If we take tactics into consideration tahn the dive attack was obsolete from mid 42 (latest) onwards. A Dive bombing was useful in times when reliable bombsights were unavaiable. From mid 42 on, almost all air forces developed reliable bombsights and other planes began to fullfill the dive bombers original role to attack a ground or sea target with (almost) pinpoint accuracy. 
SBD´s , Val´s Stuka´s began to strike without entering a dive. We should rather count them from 43 onwards as tactical bombers. Referring to dive qualities and technical abilities I expect that the He-118 could beat the Ju-87 on nearly every point, but the Ju-87 was the one to enter production.
The Vengance was better than SBD but by it´s time it almost became obsolete in it´s originally intended role...


----------



## syscom3 (Dec 1, 2005)

The Dive bomber was the ship killer of the PTO.

The only time the dive bomber became obsolete in the PTO is when the IJN fleet ceased to exist.

I have heard that USN Helldiver's did quite well against Japanese industrial targets in the Carrier raids against the japanese homeland in 1945. In fact, they put more bombs on target than the B29's did.


----------



## V-1710 (Dec 1, 2005)

With regard to the He-118, I think I remember reading somewhere that the main reason the Ju-87 was selected over the He-118 was because Ernst Udet crashed the He-118 prototype due to a malfunctioning variable-pitch propeller. The Ju-87 won by default. What of the Ju-187?


----------



## cheddar cheese (Dec 2, 2005)

The Ju-187 was seen to have little advantage over the normal -87 and therefore was not put into production...Also I think the rotating tailfin would have been a recipe for disaster...


----------



## the lancaster kicks ass (Dec 2, 2005)

looked mighty fine though, by that point though the -87 was being used uncreasingly less for actual dive bombing and it's unlike the -187 would've done a huge ammount of dive bombing...........


----------



## delcyros (Dec 2, 2005)

That´s my estimation, too. The taildesign would have become a problem.
The crash of Udet, while piloting a He-118 was a ground accident.
The SBD´s could well place more bombs than the B-29 (the Stuka dropped more bombload over russia than any other single plane).


----------



## FLYBOYJ (Dec 2, 2005)

delcyros said:


> The SBD´s could well place more bombs than the B-29 (the Stuka dropped more bombload over russia than any other single plane).
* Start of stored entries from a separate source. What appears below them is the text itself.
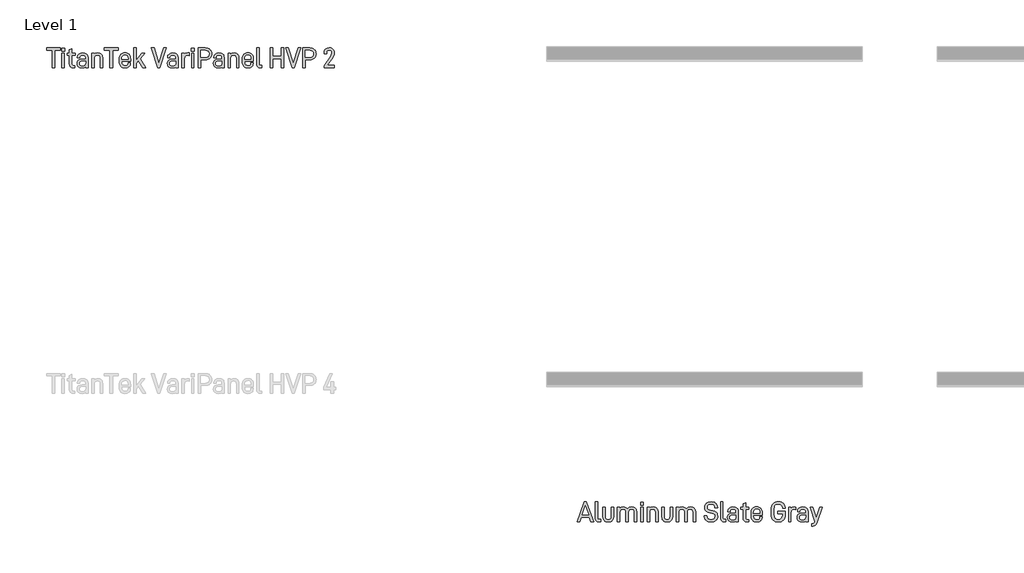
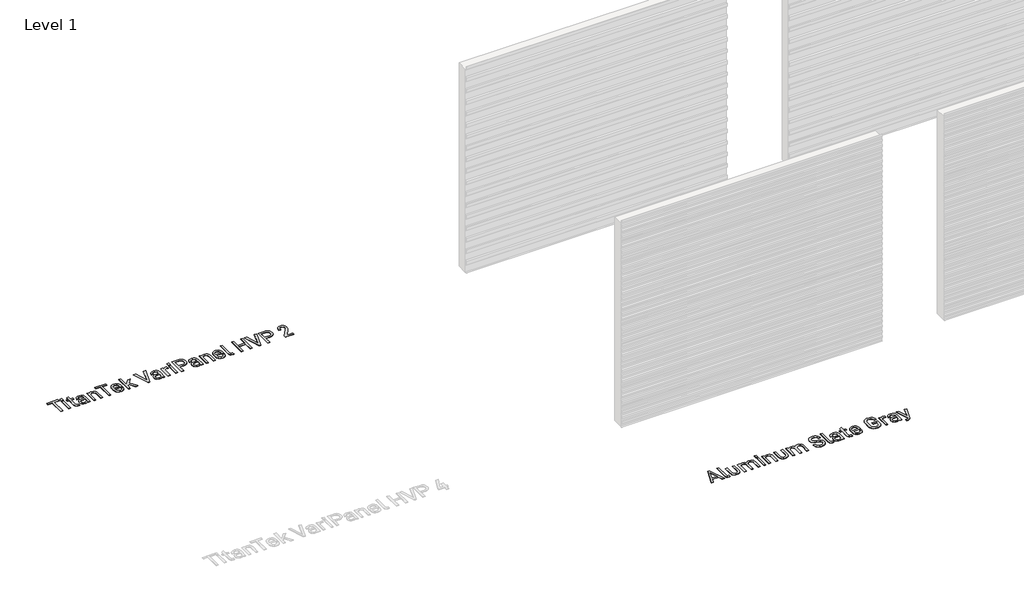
# One storey, part 3 of 33: 2 proxies.
"""IFC4 building model written with IfcOpenShell, lengths in millimetres."""

import ifcopenshell
import ifcopenshell.guid

model = None  # the IFC model being written
_history = None  # IfcOwnerHistory: only IFC2X3 demands one
_inside = {}  # id of a spatial element -> (the spatial element, [elements in it])
_under = {}  # id of a project, library or spatial element -> (it, [spatial elements below it])
_declared = {}  # id of a project -> (the project, [libraries it declares])
_typed = {}  # id of a type object -> (the type object, [elements of that type])
_made_of = {}  # id of a material, layer set ... -> (it, [elements and type objects made of it])


def new_model(schema):
    """Start an empty IFC model of exactly this schema.

    Asked for "IFC4X3", IfcOpenShell would pick the latest addendum, in which some entities
    have other attributes; the version numbers below select the first issue.
    IFC2X3 requires an IfcOwnerHistory on every rooted entity: one is made here for all.
    """
    global model, _history
    if schema == "IFC4X3":
        model = ifcopenshell.file(schema_version=(4, 3, 0, 0))
    else:
        model = ifcopenshell.file(schema=schema)
    _inside.clear()
    _under.clear()
    _declared.clear()
    _typed.clear()
    _made_of.clear()
    _history = None
    if model.schema == "IFC2X3":
        org = make("IfcOrganization", Name="unknown")
        user = make(
            "IfcPersonAndOrganization",
            ThePerson=make("IfcPerson", FamilyName="unknown"),
            TheOrganization=org,
        )
        app = make(
            "IfcApplication",
            ApplicationDeveloper=org,
            Version="unknown",
            ApplicationFullName="unknown",
            ApplicationIdentifier="unknown",
        )
        _history = make(
            "IfcOwnerHistory",
            OwningUser=user,
            OwningApplication=app,
            ChangeAction="ADDED",
            CreationDate=0,
        )
    return model


def make(cls, **values):
    """One entity of the class cls with the attributes given. An attribute that is None is left unset."""
    return model.create_entity(
        cls, **{name: value for name, value in values.items() if value is not None}
    )


def rooted(cls, **values):
    """An entity with a GlobalId (a new one), such as an element, a storey or a relation."""
    return make(cls, GlobalId=ifcopenshell.guid.new(), OwnerHistory=_history, **values)


def si_unit(unit_type, name, prefix=None):
    """IfcSIUnit, for example si_unit("LENGTHUNIT", "METRE", prefix="MILLI")."""
    return make("IfcSIUnit", UnitType=unit_type, Prefix=prefix, Name=name)


def assignment(units):
    """IfcUnitAssignment: the units of a project."""
    return None if units is None else make("IfcUnitAssignment", Units=units)


def point(xyz):
    """IfcCartesianPoint."""
    return None if xyz is None else make("IfcCartesianPoint", Coordinates=xyz)


def direction(xyz):
    """IfcDirection."""
    return None if xyz is None else make("IfcDirection", DirectionRatios=xyz)


def frame(location, z_axis=None, x_axis=None):
    """IfcAxis2Placement3D, a coordinate frame: its origin and axes. An axis left out is left unset."""
    return make(
        "IfcAxis2Placement3D",
        Location=point(location),
        Axis=direction(z_axis),
        RefDirection=direction(x_axis),
    )


def origin():
    """The frame at (0, 0, 0) with its axes left unset."""
    return frame((0.0, 0.0, 0.0))


def origin_with_axes():
    """The frame at (0, 0, 0) with the z axis (0, 0, 1) and the x axis (1, 0, 0) written out."""
    return frame((0.0, 0.0, 0.0), z_axis=(0.0, 0.0, 1.0), x_axis=(1.0, 0.0, 0.0))


def place(relative_to, where):
    """IfcLocalPlacement: puts the frame where relative to a parent placement (None: the world)."""
    return make(
        "IfcLocalPlacement", PlacementRelTo=relative_to, RelativePlacement=where
    )


def context(
    kind, dimensions, precision=None, world=None, true_north=None, identifier=None
):
    """IfcGeometricRepresentationContext, for example the 3D "Model" context."""
    return make(
        "IfcGeometricRepresentationContext",
        ContextIdentifier=identifier,
        ContextType=kind,
        CoordinateSpaceDimension=dimensions,
        Precision=precision,
        WorldCoordinateSystem=world,
        TrueNorth=true_north,
    )


def project(units=None, contexts=None):
    """IfcProject with its units and contexts."""
    return rooted(
        "IfcProject",
        Name="project",
        RepresentationContexts=contexts,
        UnitsInContext=assignment(units),
    )


def spatial(cls, under=None, at=None, **own):
    """A site, building, storey or space (cls), placed at a placement, below another one or the project."""
    s = rooted(cls, ObjectPlacement=at, **own)
    if under is not None:
        _under.setdefault(under.id(), (under, []))[1].append(s)
    return s


def polyline(points):
    """IfcPolyline through the points."""
    return make("IfcPolyline", Points=[point(p) for p in points])


def outline(outer, holes=None, kind="AREA"):
    """IfcArbitraryClosedProfileDef: a profile drawn as a closed curve; with holes, ...WithVoids."""
    if holes is None:
        return make("IfcArbitraryClosedProfileDef", ProfileType=kind, OuterCurve=outer)
    return make(
        "IfcArbitraryProfileDefWithVoids",
        ProfileType=kind,
        OuterCurve=outer,
        InnerCurves=holes,
    )


def extrude(swept, where, along, depth):
    """IfcExtrudedAreaSolid: the profile swept, set in the frame where, extruded along a direction by depth."""
    return make(
        "IfcExtrudedAreaSolid",
        SweptArea=swept,
        Position=where,
        ExtrudedDirection=direction(along),
        Depth=depth,
    )


def shape(context_of_items, identifier, shape_type, items):
    """IfcShapeRepresentation: the items that make up one representation, for example the "Body"."""
    return make(
        "IfcShapeRepresentation",
        ContextOfItems=context_of_items,
        RepresentationIdentifier=identifier,
        RepresentationType=shape_type,
        Items=items,
    )


def made_of(thing, what):
    """Note that an element or type object is made of a material, layer set ...; save() writes the relation."""
    if what is not None:
        _made_of.setdefault(what.id(), (what, []))[1].append(thing)
    return thing


def element(
    cls,
    number,
    at=None,
    inside=None,
    cuts=None,
    type_object=None,
    material=None,
    context=None,
    identifier="Body",
    shape_type=None,
    held_by="IfcProductDefinitionShape",
    body=None,
    shapes=None,
    **own,
):
    """One element of the class cls, such as IfcWall. Its Tag is "e" and its number.

    at: its placement. inside: the storey or other place that contains it. cuts: it is an
    opening in that element (IfcRelVoidsElement). A single representation is given by context,
    identifier, shape_type and body (its items); several are given by shapes. held_by: the class
    of the entity that holds the representations. save() writes the other relations.
    """
    e = rooted(cls, Tag="e%d" % number, ObjectPlacement=at, **own)
    if body is not None:
        shapes = [shape(context, identifier, shape_type, body)]
    if shapes is not None:
        e.Representation = make(held_by, Representations=shapes)
    if inside is not None:
        _inside.setdefault(inside.id(), (inside, []))[1].append(e)
    if cuts is not None:
        rooted(
            "IfcRelVoidsElement", RelatingBuildingElement=cuts, RelatedOpeningElement=e
        )
    if type_object is not None:
        _typed.setdefault(type_object.id(), (type_object, []))[1].append(e)
    return made_of(e, material)


def aggregate(whole, parts):
    """IfcRelAggregates: a whole, such as a stair, and the parts it consists of."""
    return rooted("IfcRelAggregates", RelatingObject=whole, RelatedObjects=parts)


def save(model, path):
    """Write the relations noted so far, then the file.

    IfcRelAggregates (storeys below a building ...), IfcRelContainedInSpatialStructure (elements
    in a storey), IfcRelDefinesByType, IfcRelAssociatesMaterial and IfcRelDeclares: one each for
    every whole, place, type object, material and project.
    """
    for whole, parts in _under.values():
        aggregate(whole, parts)
    for where, things in _inside.values():
        rooted(
            "IfcRelContainedInSpatialStructure",
            RelatedElements=things,
            RelatingStructure=where,
        )
    for kind, things in _typed.values():
        rooted("IfcRelDefinesByType", RelatedObjects=things, RelatingType=kind)
    for what, things in _made_of.values():
        rooted("IfcRelAssociatesMaterial", RelatedObjects=things, RelatingMaterial=what)
    for by, libraries in _declared.values():
        rooted("IfcRelDeclares", RelatingContext=by, RelatedDefinitions=libraries)
    model.write(path)


model = new_model("IFC4")

# Units and contexts
model_context = context("Model", 3, world=origin())
ifc_project = project(units=[si_unit("LENGTHUNIT", "METRE", prefix="MILLI")], contexts=[model_context])

# Site, building, storey
site = spatial("IfcSite", under=ifc_project)
building = spatial("IfcBuilding", under=site)
storey = spatial("IfcBuildingStorey", under=building, Name="Level 1", Elevation=0.0)

# Proxies
placement = place(None, origin())
element("IfcBuildingElementProxy", 1, Name="600mm Arial 2", ObjectType="600mm Arial 2", at=placement, inside=storey, context=model_context, shape_type="SweptSolid", body=[
    extrude(outline(polyline([(-9914.9924556, -12779.5871657), (-9914.9924556, -13047.0126498), (-9954.4439015, -13047.0126498), (-9954.4439015, -12779.5871657), (-10038.8787304, -12779.5871657), (-10038.8787304, -12742.6833224), (-9830.5576267, -12742.6833224), (-9830.5576267, -12779.5871657), (-9914.9924556, -12779.5871657)])), origin_with_axes(), (0.0, 0.0, 1.0), 5.0),
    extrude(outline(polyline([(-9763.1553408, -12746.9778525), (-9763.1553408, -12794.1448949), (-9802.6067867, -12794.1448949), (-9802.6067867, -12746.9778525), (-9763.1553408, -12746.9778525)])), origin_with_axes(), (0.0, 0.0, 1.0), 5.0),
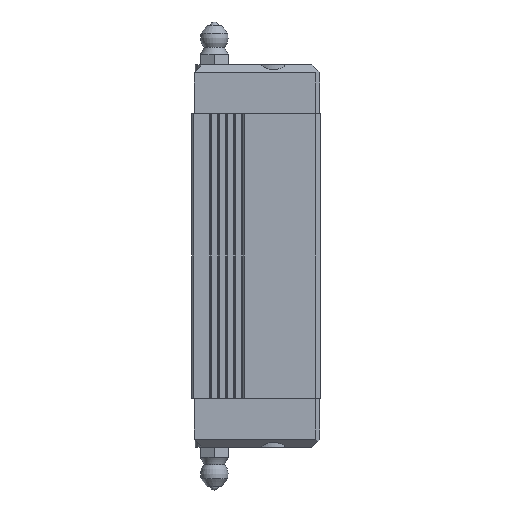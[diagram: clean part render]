
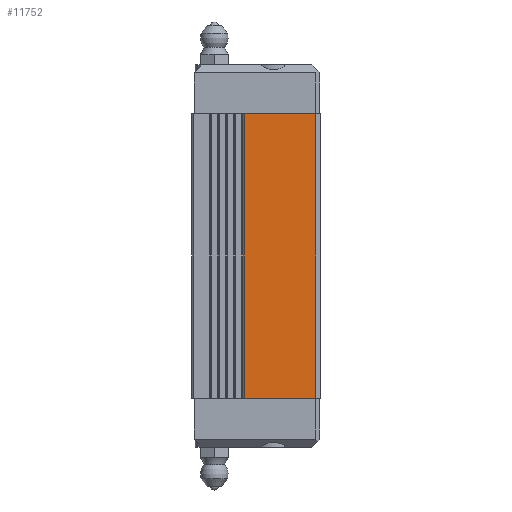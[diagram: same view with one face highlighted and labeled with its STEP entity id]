
A CAD part, left-side view. The second image highlights one B-rep face of the part: STEP entity #11752.
In plain terms, the highlighted planar face has unit normal (-1, 0, 0).
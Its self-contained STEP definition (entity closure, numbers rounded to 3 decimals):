
#559 = CARTESIAN_POINT ( 'NONE',  ( -25., 18.7, 35. ) ) ;
#882 = EDGE_CURVE ( 'NONE', #9307, #10118, #4912, .T. ) ;
#1152 = CARTESIAN_POINT ( 'NONE',  ( -25., 1., -35. ) ) ;
#1378 = DIRECTION ( 'NONE',  ( 0., 0., -1. ) ) ;
#1498 = VERTEX_POINT ( 'NONE', #12587 ) ;
#1510 = DIRECTION ( 'NONE',  ( 0., -1., 0. ) ) ;
#2257 = DIRECTION ( 'NONE',  ( 0., -1., 0. ) ) ;
#3462 = VERTEX_POINT ( 'NONE', #1152 ) ;
#3926 = FACE_OUTER_BOUND ( 'NONE', #5274, .T. ) ;
#4015 = VECTOR ( 'NONE', #8468, 1000. ) ;
#4095 = LINE ( 'NONE', #10950, #4015 ) ;
#4838 = VECTOR ( 'NONE', #1510, 1000. ) ;
#4898 = CARTESIAN_POINT ( 'NONE',  ( -25., 1., 35. ) ) ;
#4912 = LINE ( 'NONE', #9892, #4838 ) ;
#4933 = ORIENTED_EDGE ( 'NONE', *, *, #11722, .F. ) ;
#5241 = VECTOR ( 'NONE', #2257, 1000. ) ;
#5274 = EDGE_LOOP ( 'NONE', ( #5561, #4933, #10237, #9870 ) ) ;
#5320 = LINE ( 'NONE', #10703, #5241 ) ;
#5535 = EDGE_CURVE ( 'NONE', #9307, #1498, #6669, .T. ) ;
#5561 = ORIENTED_EDGE ( 'NONE', *, *, #6104, .T. ) ;
#6104 = EDGE_CURVE ( 'NONE', #1498, #3462, #5320, .T. ) ;
#6652 = VECTOR ( 'NONE', #14547, 1000. ) ;
#6669 = LINE ( 'NONE', #11485, #6652 ) ;
#7044 = AXIS2_PLACEMENT_3D ( 'NONE', #4898, #8522, #1378 ) ;
#8468 = DIRECTION ( 'NONE',  ( 0., 0., -1. ) ) ;
#8522 = DIRECTION ( 'NONE',  ( 1., 0., 0. ) ) ;
#9307 = VERTEX_POINT ( 'NONE', #559 ) ;
#9870 = ORIENTED_EDGE ( 'NONE', *, *, #5535, .T. ) ;
#9892 = CARTESIAN_POINT ( 'NONE',  ( -25., 1., 35. ) ) ;
#10118 = VERTEX_POINT ( 'NONE', #13774 ) ;
#10237 = ORIENTED_EDGE ( 'NONE', *, *, #882, .F. ) ;
#10703 = CARTESIAN_POINT ( 'NONE',  ( -25., 31., -35. ) ) ;
#10950 = CARTESIAN_POINT ( 'NONE',  ( -25., 1., 35. ) ) ;
#11485 = CARTESIAN_POINT ( 'NONE',  ( -25., 18.7, 35. ) ) ;
#11722 = EDGE_CURVE ( 'NONE', #10118, #3462, #4095, .T. ) ;
#11752 = ADVANCED_FACE ( 'NONE', ( #3926 ), #13114, .F. ) ;
#12587 = CARTESIAN_POINT ( 'NONE',  ( -25., 18.7, -35. ) ) ;
#13114 = PLANE ( 'NONE',  #7044 ) ;
#13774 = CARTESIAN_POINT ( 'NONE',  ( -25., 1., 35. ) ) ;
#14547 = DIRECTION ( 'NONE',  ( 0., 0., -1. ) ) ;

That I doubt!!!! Look at the XX and XXI Bomber Command, Very Heavy Bombers (B-29) the numbers speak for themselves...


----------



## syscom3 (Dec 2, 2005)

I dont think any SBD's were used against the Japanese mainland. By 1945, all the fast fleet carriers had been equipped with Helldivers.


----------



## DerAdlerIstGelandet (Dec 2, 2005)

Well I go for the SBD Duantless and then the Ju-87 Stuka.


----------



## FLYBOYJ (Dec 2, 2005)

DerAdlerIstGelandet said:


> Well I go for the SBD Duantless and then the Ju-87 Stuka.



agree!


----------



## P38 Pilot (Dec 2, 2005)

For me its either the JU-87G or the SDB Dauntless. It sure did a hell of damage against the Japanese Carriers at Midway!


----------



## the lancaster kicks ass (Dec 3, 2005)

can we really count the -87G as a dive bomber??


----------



## P38 Pilot (Dec 3, 2005)

I think so...


----------



## Gnomey (Dec 3, 2005)

P38 Pilot said:


> I think so...


I don't, 37mm Cannon are not dive bomber material. To be a dive bomber you have to have bombs, the JU-87G didn't carry bombs (correct me if I am wrong), therefore it is not a dive bomber in my opinion anyway.


----------



## P38 Pilot (Dec 3, 2005)

Oh, whoops!


----------



## carpenoctem1689 (Dec 3, 2005)

Id vote for the val i guess, even though the stuka and the SBD are technically better, but the val just seemed to me the best. I like what it did at pearl, and later on, and they were only butchered the way they were because they were trained to fly in tight formations no matter what, and the cover from the japanese escorts was inadequate to say the least, american aircraft, mainly F4F's at this point, could climb above the bombers and escorts, dive attack, and climb, repeating this until no bombers were left. Alse the vals were shot down in mass numbers by ships because of the new fuses on the AA that the ships were being issued.


----------



## carpenoctem1689 (Dec 3, 2005)

Id vote for the val i guess, even though the stuka and the SBD are technically better, but the val just seemed to me the best. I like what it did at pearl, and later on, and they were only butchered the way they were because they were trained to fly in tight formations no matter what, and the cover from the japanese escorts was inadequate to say the least, american aircraft, mainly F4F's at this point, could climb above the bombers and escorts, dive attack, and climb, repeating this until no bombers were left. Alse the vals were shot down in mass numbers by ships because of the new fuses on the AA that the ships were being issued.


----------



## carpenoctem1689 (Dec 3, 2005)

sorry for the double post  didnt mean to


----------



## P38 Pilot (Dec 3, 2005)

The Val was a good dive bomber. Like the Stuka, it was dangerous as long as they weren't being attacked by supeior aircraft.


----------



## plan_D (Dec 3, 2005)

I vote for the A-36 'Apache' because it was a capable and effective dive-bomber that served in Italy and Burma with a good record. It may not have been able to carry as much as those other's mentioned, it was still able to inflict serious damage and was more survivable in the presence of enemy fighters.


----------



## syscom3 (Dec 3, 2005)

Heres an interesting web site for the "beast". Perhaps its reputation was undeserved for the late model varieties.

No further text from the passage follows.